You can install ngrams via Homebrew.

brew install jake-low/tools/ngrams

Alternately, if you have a Rust toolchain installed you can download the source code for a release and build it with cargo build.

Usage

Usage: ngrams [OPTIONS] -n <N> [FILENAME]

Arguments:
  [FILENAME]  File to read from.
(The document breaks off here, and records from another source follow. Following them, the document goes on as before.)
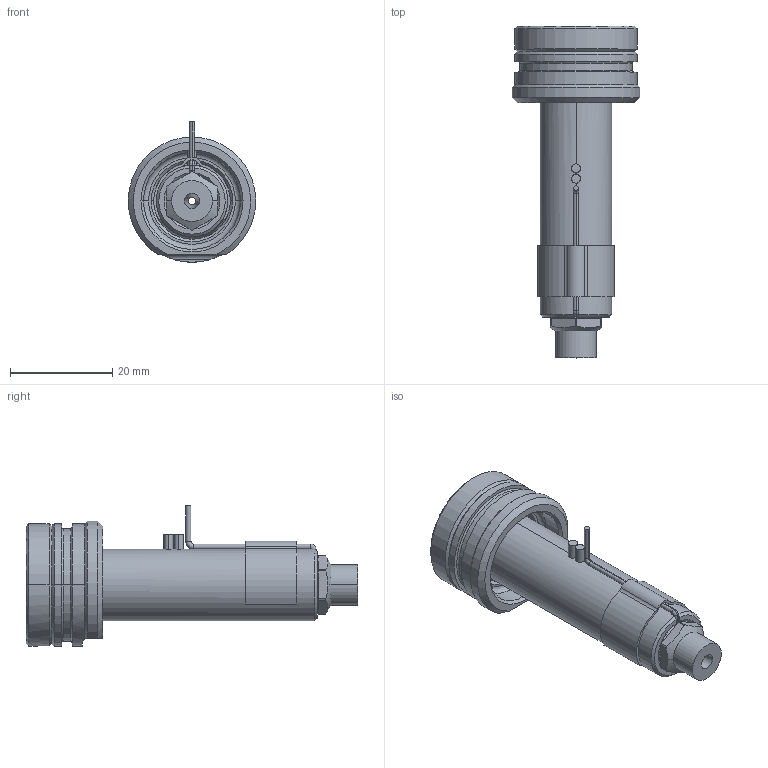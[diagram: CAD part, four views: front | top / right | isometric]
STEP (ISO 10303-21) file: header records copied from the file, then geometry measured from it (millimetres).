
FILE_DESCRIPTION((''),'2;1');
FILE_NAME('EO04_SG_SG_050_SW','2024-02-19T12:10:58',('sundharh'),(''),'CREO PARAMETRIC BY PTC INC, 2023154','CREO PARAMETRIC BY PTC INC, 2023154','');
FILE_SCHEMA(('CONFIG_CONTROL_DESIGN'));
Length unit declared in the file: millimetre
Products named in the file (1): EO04_SG_SG_050_SW
Bounding box: 24.99 x 65 x 27.5 mm (x, y, z)
Volume: 12258.3 mm3; surface area: 6544.2 mm2
Topology: 2 solids, 2 shells, 182 faces, 461 edges, 277 vertices
Faces by surface type: cylinder 67, plane 45, cone 34, torus 22, bspline 11, sphere 3
Entity records: 6336 total; most frequent: CARTESIAN_POINT 1941, DIRECTION 952, ORIENTED_EDGE 906, EDGE_CURVE 453, AXIS2_PLACEMENT_3D 396, VERTEX_POINT 277, CIRCLE 225, EDGE_LOOP 196
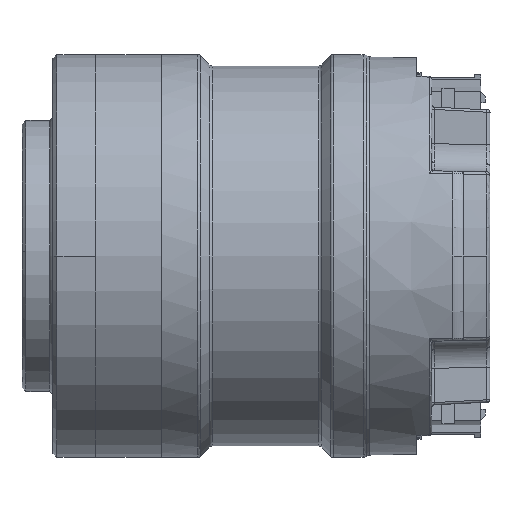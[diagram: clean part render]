
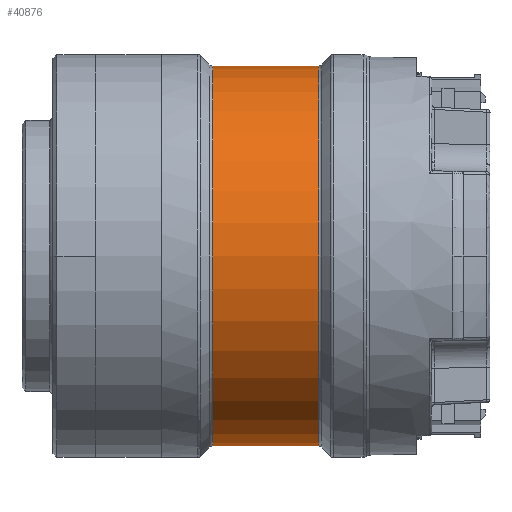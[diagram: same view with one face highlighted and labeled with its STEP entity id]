
A CAD part, left-side view. The second image highlights one B-rep face of the part: STEP entity #40876.
In plain terms, the highlighted cylindrical face has radius 24.5 mm (diameter 49 mm), a partial arc.
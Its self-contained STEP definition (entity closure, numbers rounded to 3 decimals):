
#2261 = CARTESIAN_POINT ( 'NONE',  ( 0., -12., 0. ) ) ;
#3237 = AXIS2_PLACEMENT_3D ( 'NONE', #33598, #27832, #8217 ) ;
#7128 = VERTEX_POINT ( 'NONE', #67115 ) ;
#7461 = DIRECTION ( 'NONE',  ( 1., 0., 0. ) ) ;
#8217 = DIRECTION ( 'NONE',  ( 1., 0., 0. ) ) ;
#12560 = EDGE_CURVE ( 'NONE', #58199, #68475, #80025, .T. ) ;
#19468 = CIRCLE ( 'NONE', #3237, 24.5 ) ;
#21257 = CARTESIAN_POINT ( 'NONE',  ( 0., -12., 24.5 ) ) ;
#21715 = DIRECTION ( 'NONE',  ( 0., 0., -1. ) ) ;
#21978 = AXIS2_PLACEMENT_3D ( 'NONE', #2261, #39995, #21715 ) ;
#22949 = FACE_OUTER_BOUND ( 'NONE', #51473, .T. ) ;
#27281 = EDGE_CURVE ( 'NONE', #68475, #7128, #19468, .T. ) ;
#27832 = DIRECTION ( 'NONE',  ( 0., 1., 0. ) ) ;
#28514 = VERTEX_POINT ( 'NONE', #48724 ) ;
#33147 = ORIENTED_EDGE ( 'NONE', *, *, #59714, .T. ) ;
#33598 = CARTESIAN_POINT ( 'NONE',  ( 0., -24.793, 0. ) ) ;
#39440 = CARTESIAN_POINT ( 'NONE',  ( 0., -11.107, 0. ) ) ;
#39995 = DIRECTION ( 'NONE',  ( 0., -1., 0. ) ) ;
#40876 = ADVANCED_FACE ( 'NONE', ( #22949 ), #71008, .T. ) ;
#42765 = VECTOR ( 'NONE', #44585, 1000. ) ;
#44325 = ORIENTED_EDGE ( 'NONE', *, *, #27281, .T. ) ;
#44585 = DIRECTION ( 'NONE',  ( 0., -1., 0. ) ) ;
#45199 = DIRECTION ( 'NONE',  ( 0., -1., 0. ) ) ;
#48724 = CARTESIAN_POINT ( 'NONE',  ( 0., -11.107, 24.5 ) ) ;
#49454 = ORIENTED_EDGE ( 'NONE', *, *, #71115, .F. ) ;
#49471 = LINE ( 'NONE', #21257, #80771 ) ;
#51473 = EDGE_LOOP ( 'NONE', ( #49454, #33147, #75455, #44325 ) ) ;
#57238 = CARTESIAN_POINT ( 'NONE',  ( 0., -12., -24.5 ) ) ;
#58199 = VERTEX_POINT ( 'NONE', #73083 ) ;
#59572 = AXIS2_PLACEMENT_3D ( 'NONE', #39440, #45199, #7461 ) ;
#59714 = EDGE_CURVE ( 'NONE', #28514, #58199, #63808, .T. ) ;
#63808 = CIRCLE ( 'NONE', #59572, 24.5 ) ;
#65024 = DIRECTION ( 'NONE',  ( 0., -1., 0. ) ) ;
#67115 = CARTESIAN_POINT ( 'NONE',  ( 0., -24.793, 24.5 ) ) ;
#68475 = VERTEX_POINT ( 'NONE', #74885 ) ;
#71008 = CYLINDRICAL_SURFACE ( 'NONE', #21978, 24.5 ) ;
#71115 = EDGE_CURVE ( 'NONE', #28514, #7128, #49471, .T. ) ;
#73083 = CARTESIAN_POINT ( 'NONE',  ( 0., -11.107, -24.5 ) ) ;
#74885 = CARTESIAN_POINT ( 'NONE',  ( 0., -24.793, -24.5 ) ) ;
#75455 = ORIENTED_EDGE ( 'NONE', *, *, #12560, .T. ) ;
#80025 = LINE ( 'NONE', #57238, #42765 ) ;
#80771 = VECTOR ( 'NONE', #65024, 1000. ) ;
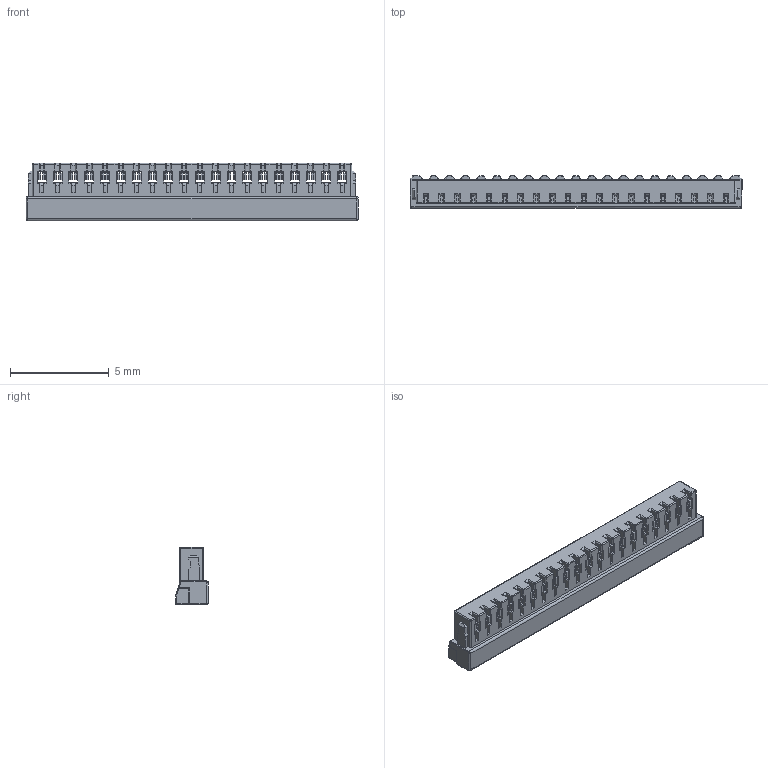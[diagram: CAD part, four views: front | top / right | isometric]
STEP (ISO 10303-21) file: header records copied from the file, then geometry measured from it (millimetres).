
FILE_DESCRIPTION((''),'2;1');
FILE_NAME('SCT0800HI-20','2023-03-26T10:25:52',('Administrator'),(''),'CREO PARAMETRIC BY PTC INC, 2018050','CREO PARAMETRIC BY PTC INC, 2018050','');
FILE_SCHEMA(('CONFIG_CONTROL_DESIGN'));
Products named in the file (1): SCT0800HI-20
Bounding box: 16.8 x 1.65 x 2.9 mm (x, y, z)
Surface area: 321.8 mm2 (no closed solid volume)
Topology: 0 solids, 1 shells, 3467 faces, 10143 edges, 6429 vertices
Faces by surface type: plane 2344, cylinder 1017, sphere 100, bspline 5, torus 1
Entity records: 113918 total; most frequent: CARTESIAN_POINT 21046, ORIENTED_EDGE 20103, DIRECTION 18854, EDGE_CURVE 10095, VECTOR 7920, LINE 7920, VERTEX_POINT 6429, AXIS2_PLACEMENT_3D 5467

If no file is provided, STDIN is used

Options:
  -n <N>                    Size of ngram to collect (2 for bigrams, 3 for trigrams, etc)
  -f, --as-fraction         Output decimal fractions for each ngram (rather than counts)
  -p, --as-percent          Output percentages for each ngram (rather than counts)
  -w, --include-whitespace  Include ngrams that contain whitespace characters
  -j, --json                Output ngrams and their frequences as JSON
  -h, --help                Print help
  -V, --version             Print version

JSON output

The JSON output format is an array of length N, containing frequencies for ngrams of each length from 1 (individual characters) up to N. Each entry in the array is an object whose keys are ngrams and whose values are either counts, percentages, or decimal fractions (depending on whether -p or -f was used).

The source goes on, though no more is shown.